Le roi peut aussi créer des duchés héréditaires, qu'il concède en apanage aux princes du sang. À partir du XVIe siècle, le titre de duc devient purement honorifique, même si les « ducs et pairs » ont le privilège de relever directement du parlement. On en comptait 43 en 1789. Il existait également des « ducs à brevet », créés par le roi à titre viager. Le titre ducal, aboli par la Révolution, fut rétabli par Napoléon Ier en 1806 : il en créa 35, dont 12 hors de France, et se réserva l'investiture de tous les duchés.

Duclos (Jacques),

homme politique (Louey, Hautes-Pyrénées, 1896 - Montreuil-sous-Bois, Seine-Saint-Denis, 1975).

Issu d'une famille paysanne pauvre, apprenti pâtissier monté à Paris en 1912, mobilisé en 1915 et fait prisonnier en 1917, le jeune Duclos est profondément marqué par l'expérience de la Grande Guerre. Sa vie militante débute en 1919, à l'Association républicaine des anciens combattants (ARAC), et se poursuit au Parti communiste, auquel il adhère dès 1920. Ses dons de propagandiste et son éloquence chaleureuse lui assurent une promotion rapide : membre du comité central dès 1926, député de la Seine de 1926 à 1932, il accède au bureau politique en 1931. Obéissant aux directives de l'Internationale communiste, il milite avec ardeur pour la formation du Front populaire, à partir de 1934 ; élu à nouveau député en mai 1936, devenu vice-président de la Chambre, il joue un rôle clé dans le fonctionnement de la coalition au pouvoir, tout en appliquant, sans faillir, la politique de stalinisation du parti. Après la signature du pacte germano-soviétique (août 1939) et la dissolution du Parti communiste en septembre, il contribue, en tant que responsable du PCF clandestin, de 1940 à la Libération, à mettre en œuvre les consignes successives dictées par Moscou. Après la brève expérience de la participation communiste au gouvernement (tripartisme formé par le PCF, la SFIO et le MRP), il prend une part active dans le durcissement des années 1947-1952, jouant notamment un rôle déterminant dans l'éviction de deux dirigeants historiques du parti, André Marty et Charles Tillon. À la mort de Maurice Thorez (1964), Jacques Duclos reste le représentant de la vieille garde de l'appareil communiste, qui se montre réservée à l'égard de la déstalinisation. Candidat à l'élection présidentielle de 1969, il réalise une brillante prestation (21,5 % des voix), et exerce jusqu'à sa mort une grande influence sur la nouvelle direction du PCF et sur son chef, Georges Marchais.

Ducos (Pierre Roger),

homme politique (Montfort, Landes, 1747 - Ulm, Allemagne, 1816).
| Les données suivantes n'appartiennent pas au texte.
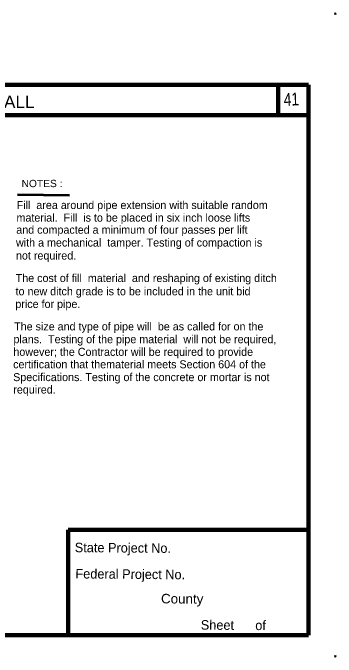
# Model space of a CAD drawing. Extents: x -8731 to 7714, y -62866 to -56618.
# Drawn here: x 7114 to 7714, y -62866 to -61670 of the extents above; entities that cross this region are included whole.
import ezdxf
from ezdxf.enums import TextEntityAlignment as Align

# ---------------------------------------------------------------- set-up
doc = ezdxf.new("R2010")
doc.units = 0
doc.header["$LTSCALE"] = 6
doc.header["$PDMODE"] = 32
doc.header["$PDSIZE"] = 3
doc.layers.add('1', color=7, linetype='Continuous', lineweight=13)
doc.layers.add('3', color=7, linetype='Continuous', lineweight=53)

msp = doc.modelspace()

# ---------------------------------------------------------------- linework, layer by layer
at = {"layer": '1', "lineweight": 100}
for p, q in [((7662.46, -61803.8), (6170.24, -61803.8)), ((7606.22, -61803.8), (7606.22, -61860.06)), ((7662.46, -61803.8), (7662.46, -62825.24)), ((7662.46, -61860.06), (6170.24, -61860.06)), ((7216.74, -62629.56), (7662.46, -62629.56)), ((7216.74, -62629.56), (7216.74, -62825.24)), ((7662.46, -62825.24), (7022.34, -62825.24))]:
    msp.add_line(p, q, dxfattribs=at)
msp.add_lwpolyline([(6170.24, -61807.3), (6170.24, -62825.24), (7661, -62825.24)], dxfattribs=at)
at = {"layer": '1'}
for p in [(7712.4, -61671.6), (7712.4, -62864.2)]:
    msp.add_point(p, dxfattribs=at)
at = {"layer": '3'}
msp.add_line((7122.78, -62007.22), (7219.1, -62008.1), dxfattribs=at)

# ---------------------------------------------------------------- texts
at = {"layer": '1'}
for s, height, rotation, width, p in [('41', 23.78, 2.121, 0.8, (7617.18, -61842.68)), ('County', 17.66, 359.537, 1.05, (7389.02, -62765.92))]:
    msp.add_text(s, height=height, rotation=rotation, dxfattribs=dict(at, width=width)).set_placement(p)
for s, p in [('State Project No.', (7229.02, -62670.92)), ('Federal Project No.', (7230.28, -62719.68)), ('Sheet      of', (7462.78, -62814.68))]:
    msp.add_text(s, height=17.66, rotation=359.537, dxfattribs=at).set_placement(p)
at = {"layer": '3', "width": 1.05}
msp.add_text('PIPE EXTENSION AT HEADWALL ', height=22.7, dxfattribs=at).set_placement((6909.18, -61846.6), align=Align.CENTER)
msp.add_text('NOTES :', height=13.53, dxfattribs=at).set_placement((7130.36, -61993.48))
at = {"layer": '3'}
for s, p in [('Fill  area around pipe extension with suitable random', (7121.34, -62034.12)), ('material.  Fill  is to be placed in six inch loose lifts', (7120.98, -62057.5)), ('and compacted a minimum of four passes per lift', (7120.66, -62079.94)), ('with a mechanical  tamper. Testing of compaction is', (7120.14, -62103.78)), ('not required.', (7120.06, -62127.9)), ('The cost of fill  material  and reshaping of existing ditch', (7119.5, -62169.62)), ('to new ditch grade is to be included in the unit bid', (7119.34, -62194.16)), ('price for pipe.', (7118.92, -62217.76)), ('The size and type of pipe will  be as called for on the ', (7116.64, -62259.4)), ('plans.  Testing of the pipe material  will not be required,', (7115.38, -62283.14)), ('however; the Contractor will be required to provide ', (7115.22, -62306.6)), ('certification that thematerial meets Section 604 of the ', (7114.74, -62329.68)), ('Specifications. Testing of the concrete or mortar is not', (7114.86, -62353.52)), ('required.', (7115.14, -62376.6))]:
    msp.add_text(s, height=14.88, dxfattribs=at).set_placement(p)

doc.saveas('drawing.dxf')

Député effacé sous la Révolution, Ducos est surtout connu pour avoir favorisé, avec Sieyès, le coup d'État des 18 et 19 brumaire an VIII (9 et 10 novembre 1799).

Cet avocat ne joue qu'un rôle local de 1789 à 1792 - il est alors procureur de la commune de Dax et président du tribunal criminel des Landes -, avant d'être élu à la Convention, où il fait partie de la Plaine, et d'entrer au Comité des secours publics. S'il vote pour la mort et contre le sursis lors du procès de Louis XVI, il se fait discret pendant la Terreur. Cependant, sous le Directoire, il s'oppose à l'élection de députés royalistes. Réélu en 1795, il siège au Conseil des Anciens jusqu'en 1798, voit ses deux réélections suivantes invalidées et reprend ses fonctions au tribunal criminel du département des Landes. Après le coup d'État du 30 prairial an VII (18 juin 1799), il entre au Directoire sur proposition de Sieyès, qu'il sert fidèlement. Le 18 brumaire an VIII, il rejoint les conjurés et démissionne du Directoire, permettant ainsi le vide institutionnel. Sa docilité lui vaut d'être choisi comme l'un des trois consuls provisoires, avec Sieyès et Bonaparte. Sans envergure politique, il est par la suite couvert d'honneurs, devient sénateur en 1800, grand officier de la Légion d'honneur en 1804 et comte de l'Empire en 1808. En 1815, il se rallie à Napoléon et siège à la Chambre des pairs. Sous la seconde Restauration, il est proscrit comme régicide. Il meurt dans un accident, près d'Ulm.